**WORKING DATA**:
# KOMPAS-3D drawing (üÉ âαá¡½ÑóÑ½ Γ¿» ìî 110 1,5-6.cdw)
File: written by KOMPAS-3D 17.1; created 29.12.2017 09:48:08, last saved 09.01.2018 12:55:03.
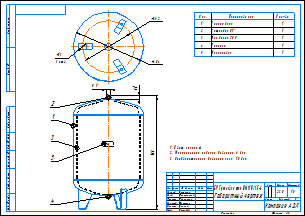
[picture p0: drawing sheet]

Sheet 1: A3, landscape, title-block layout from C:\Лощинин\GRAPHIC.LYT style 1

Title block, sheet 1: name: БР Гранлевел тип НМ 110/1,5-6 / Габаритный чертеж; mass: 23,8; sheets: 1; sheet format: A3; stored path: \\Fsk1\files\АП\20_PKO\02_Насосное направление\Разработка\04_Проекты разные\Баки\КД действующая\Баки Flexcon R\Компас\Чертежи\БР Гранлевел тип НМ 110 1,5-6.cdw; drawn by: Лощинин; checked by: Хантимеров

Views: Проекционный вид 3
Referenced files in \\Fsk1\files\АП\20_PKO\02_Насосное направление\Разработка\04_Проекты разные\Баки\КД действующая\Баки Flexcon R\Компас\: 110 литров.a3d, 16116_Flexcon_110_1-6.m3d
Referenced files in C:\Лощинин\: GRAPHIC.LYT
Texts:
  IvAn
  ADL
  Поз.
  Кол-во
  Корпус бака
  Мембрана SBR
  Патрубок G1"
  Ниппель
  Маркировка
  АДЛ
  Цвет: красный
  Максимальное рабочее давление: 6 бар
  Предварительное давление газа: 1,5 бар
  ACAD_ISO03W100_RGB_223_127_255_SC_0.063_THICK_0.05
  ACAD_ISO03W100_RGB_223_127_255_SC_1_THICK_0.05
  Лит-Масса-Масштаб
  Материал-Предприятие
  Масштаб
  Изм.
  Лист
  № докум.
  Подп.
  Дата
  Лит.
  Разраб.
  Пров.
  Т.контр.
  Курлыкина
  Листов
  Нач.отд.
  Щетинин
  Н.контр.
  Долгов
  Утв.
  Рашидов
  Компания АДЛ
  Изменение
  Номер документа
  Подпись
  Обозначение документа
  Наименование изделия
  Масса изделия по ГОСТ 2.109-73
  Порядковый номер листа
  Общее количество листов в документе
  Характер работы, выполненной лицом, подписавшим документ
  Наименование или индекс предприятия, выпускающего документ
  Инв. № подл.
  Подп. и дата
  Взам. инв. №
  Инв. № дубл.
  Инвентарный номер подлинника по ГОСТ 2.501-68
  Подпись принявшего подлинник в отдел технической документации
  Инвентарный номер подлинника, взамен которого выпущен данный подлинник
  Инвентарный номер дубликата по ГОСТ 2.502-68
  Подпись принявшего дубликат в отдел технической документации
  Справ. №
  Перв. примен.
  Обозначение документа, взамен или на основании которого выпущен данный документ
  Обозначение документа, в котором впервые записан данный документ
  Подпись лица, копировавшего чертеж
  Обозначение формата листа
Dimensions and other numbers on the sheet: 1; 3; 2; 4; 5; 780; 21; 1:5; 23,8; 16116_Flexcon_110_1-6

**WHAT YOU WILL DO**:
Across the records, count the lines that contain the word "принявшего" and give that figure alone.

**EXERCISE OUTPUT**:
2